# Data
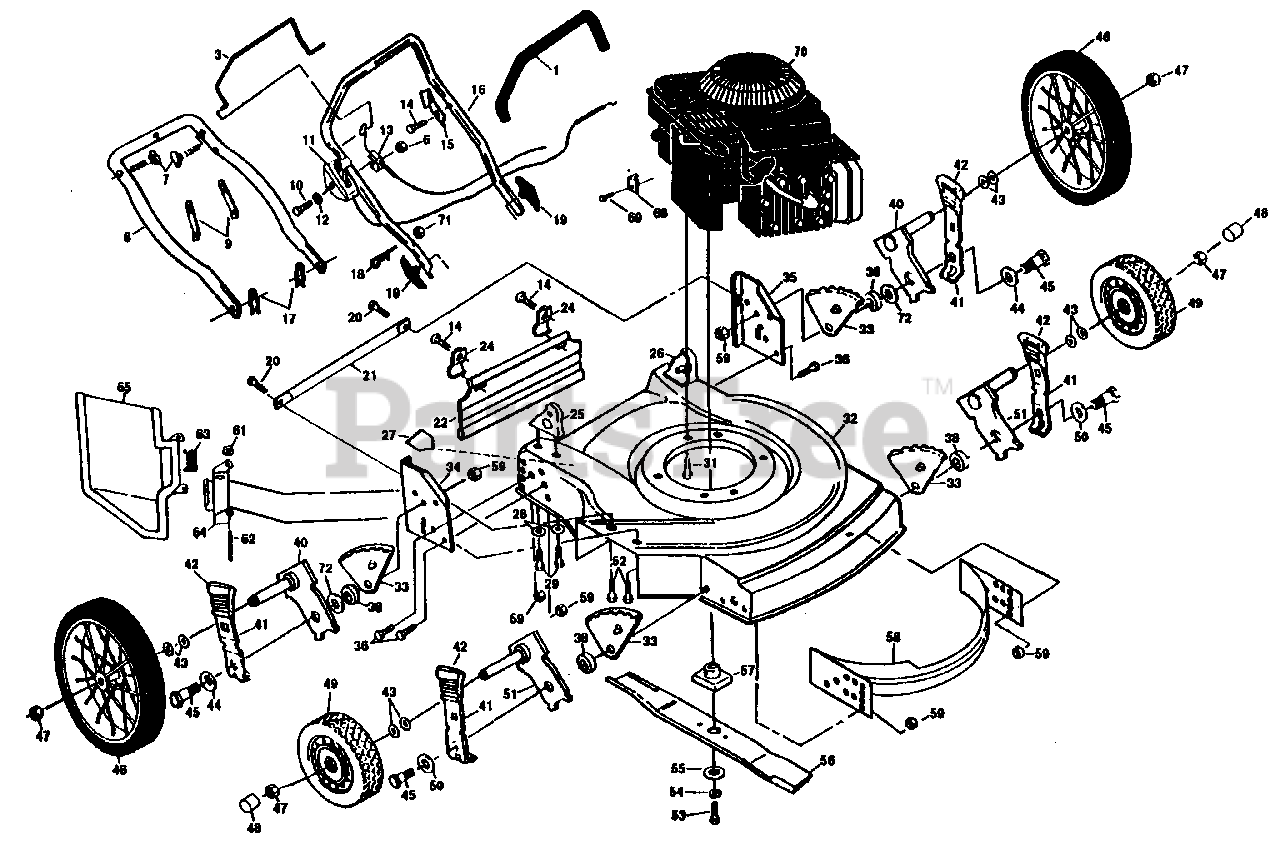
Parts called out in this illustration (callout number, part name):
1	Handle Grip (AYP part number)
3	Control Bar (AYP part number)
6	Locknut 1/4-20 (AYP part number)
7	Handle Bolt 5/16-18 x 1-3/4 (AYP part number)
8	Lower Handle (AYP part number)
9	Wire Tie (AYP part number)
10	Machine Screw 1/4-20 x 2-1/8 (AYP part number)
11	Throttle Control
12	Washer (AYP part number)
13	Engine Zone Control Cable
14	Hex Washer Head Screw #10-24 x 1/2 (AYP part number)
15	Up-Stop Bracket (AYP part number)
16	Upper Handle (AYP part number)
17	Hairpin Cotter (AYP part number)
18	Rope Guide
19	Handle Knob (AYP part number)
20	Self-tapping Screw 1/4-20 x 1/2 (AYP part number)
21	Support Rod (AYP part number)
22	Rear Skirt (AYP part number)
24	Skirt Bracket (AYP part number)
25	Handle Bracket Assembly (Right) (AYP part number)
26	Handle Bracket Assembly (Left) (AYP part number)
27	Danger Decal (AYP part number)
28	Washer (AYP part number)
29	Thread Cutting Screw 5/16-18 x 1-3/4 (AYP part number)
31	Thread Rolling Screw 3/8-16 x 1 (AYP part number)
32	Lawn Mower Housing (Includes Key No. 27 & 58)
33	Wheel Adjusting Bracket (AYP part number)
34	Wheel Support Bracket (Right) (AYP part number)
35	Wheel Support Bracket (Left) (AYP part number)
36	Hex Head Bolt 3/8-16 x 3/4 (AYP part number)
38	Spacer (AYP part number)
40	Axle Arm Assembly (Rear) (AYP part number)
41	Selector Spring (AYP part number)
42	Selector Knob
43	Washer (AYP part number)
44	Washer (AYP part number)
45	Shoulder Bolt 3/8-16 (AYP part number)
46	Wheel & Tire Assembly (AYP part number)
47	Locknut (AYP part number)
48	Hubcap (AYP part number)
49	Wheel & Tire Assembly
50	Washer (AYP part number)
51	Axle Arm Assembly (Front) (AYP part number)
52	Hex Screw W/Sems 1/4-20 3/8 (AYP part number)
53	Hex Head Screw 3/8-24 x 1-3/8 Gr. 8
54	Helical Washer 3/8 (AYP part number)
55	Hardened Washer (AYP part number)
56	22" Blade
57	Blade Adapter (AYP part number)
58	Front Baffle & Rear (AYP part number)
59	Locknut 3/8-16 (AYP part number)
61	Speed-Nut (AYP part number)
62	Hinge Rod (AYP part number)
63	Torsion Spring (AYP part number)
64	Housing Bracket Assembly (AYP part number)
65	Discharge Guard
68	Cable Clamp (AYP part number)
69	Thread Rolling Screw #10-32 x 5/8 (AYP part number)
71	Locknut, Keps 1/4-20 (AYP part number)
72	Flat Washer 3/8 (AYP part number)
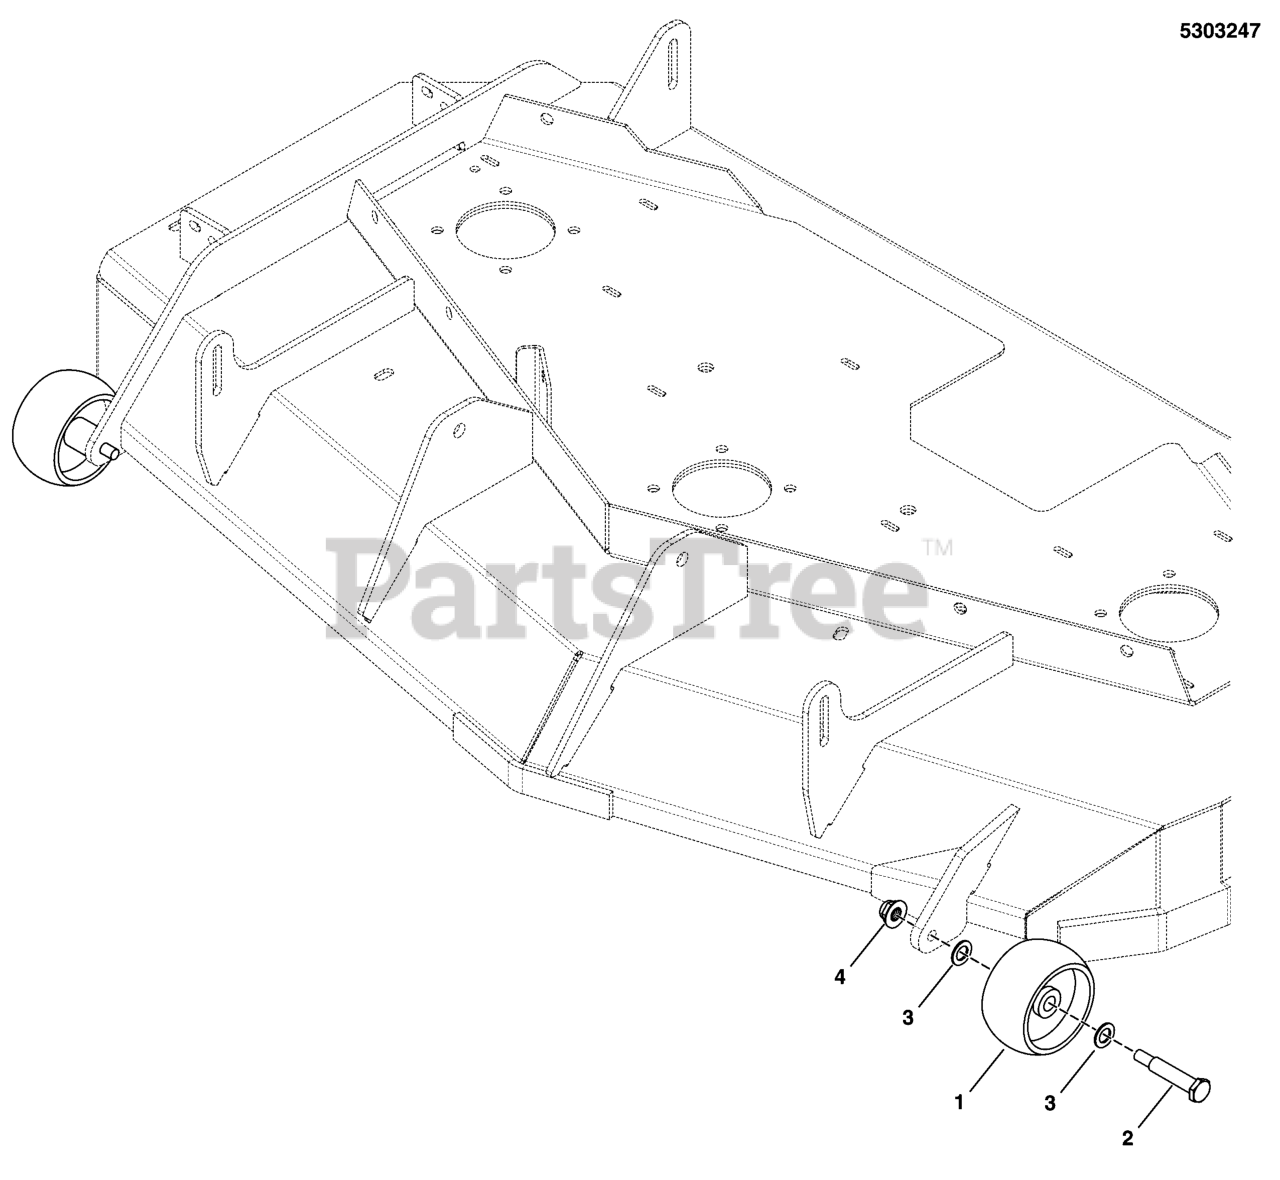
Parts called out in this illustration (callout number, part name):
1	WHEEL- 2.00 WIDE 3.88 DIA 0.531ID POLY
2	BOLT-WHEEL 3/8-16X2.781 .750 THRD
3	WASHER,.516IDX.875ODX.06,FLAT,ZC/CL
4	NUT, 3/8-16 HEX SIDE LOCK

# Directions for this task
Extract the full listing exactly, with the pictures left out.

# Solution to this exercise
Parts called out in this illustration (callout number, part name):
1	Handle Grip (AYP part number)
3	Control Bar (AYP part number)
6	Locknut 1/4-20 (AYP part number)
7	Handle Bolt 5/16-18 x 1-3/4 (AYP part number)
8	Lower Handle (AYP part number)
9	Wire Tie (AYP part number)
10	Machine Screw 1/4-20 x 2-1/8 (AYP part number)
11	Throttle Control
12	Washer (AYP part number)
13	Engine Zone Control Cable
14	Hex Washer Head Screw #10-24 x 1/2 (AYP part number)
15	Up-Stop Bracket (AYP part number)
16	Upper Handle (AYP part number)
17	Hairpin Cotter (AYP part number)
18	Rope Guide
19	Handle Knob (AYP part number)
20	Self-tapping Screw 1/4-20 x 1/2 (AYP part number)
21	Support Rod (AYP part number)
22	Rear Skirt (AYP part number)
24	Skirt Bracket (AYP part number)
25	Handle Bracket Assembly (Right) (AYP part number)
26	Handle Bracket Assembly (Left) (AYP part number)
27	Danger Decal (AYP part number)
28	Washer (AYP part number)
29	Thread Cutting Screw 5/16-18 x 1-3/4 (AYP part number)
31	Thread Rolling Screw 3/8-16 x 1 (AYP part number)
32	Lawn Mower Housing (Includes Key No. 27 & 58)
33	Wheel Adjusting Bracket (AYP part number)
34	Wheel Support Bracket (Right) (AYP part number)
35	Wheel Support Bracket (Left) (AYP part number)
36	Hex Head Bolt 3/8-16 x 3/4 (AYP part number)
38	Spacer (AYP part number)
40	Axle Arm Assembly (Rear) (AYP part number)
41	Selector Spring (AYP part number)
42	Selector Knob
43	Washer (AYP part number)
44	Washer (AYP part number)
45	Shoulder Bolt 3/8-16 (AYP part number)
46	Wheel & Tire Assembly (AYP part number)
47	Locknut (AYP part number)
48	Hubcap (AYP part number)
49	Wheel & Tire Assembly
50	Washer (AYP part number)
51	Axle Arm Assembly (Front) (AYP part number)
52	Hex Screw W/Sems 1/4-20 3/8 (AYP part number)
53	Hex Head Screw 3/8-24 x 1-3/8 Gr. 8
54	Helical Washer 3/8 (AYP part number)
55	Hardened Washer (AYP part number)
56	22" Blade
57	Blade Adapter (AYP part number)
58	Front Baffle & Rear (AYP part number)
59	Locknut 3/8-16 (AYP part number)
61	Speed-Nut (AYP part number)
62	Hinge Rod (AYP part number)
63	Torsion Spring (AYP part number)
64	Housing Bracket Assembly (AYP part number)
65	Discharge Guard
68	Cable Clamp (AYP part number)
69	Thread Rolling Screw #10-32 x 5/8 (AYP part number)
71	Locknut, Keps 1/4-20 (AYP part number)
72	Flat Washer 3/8 (AYP part number)
Parts called out in this illustration (callout number, part name):
1	WHEEL- 2.00 WIDE 3.88 DIA 0.531ID POLY
2	BOLT-WHEEL 3/8-16X2.781 .750 THRD
3	WASHER,.516IDX.875ODX.06,FLAT,ZC/CL
4	NUT, 3/8-16 HEX SIDE LOCK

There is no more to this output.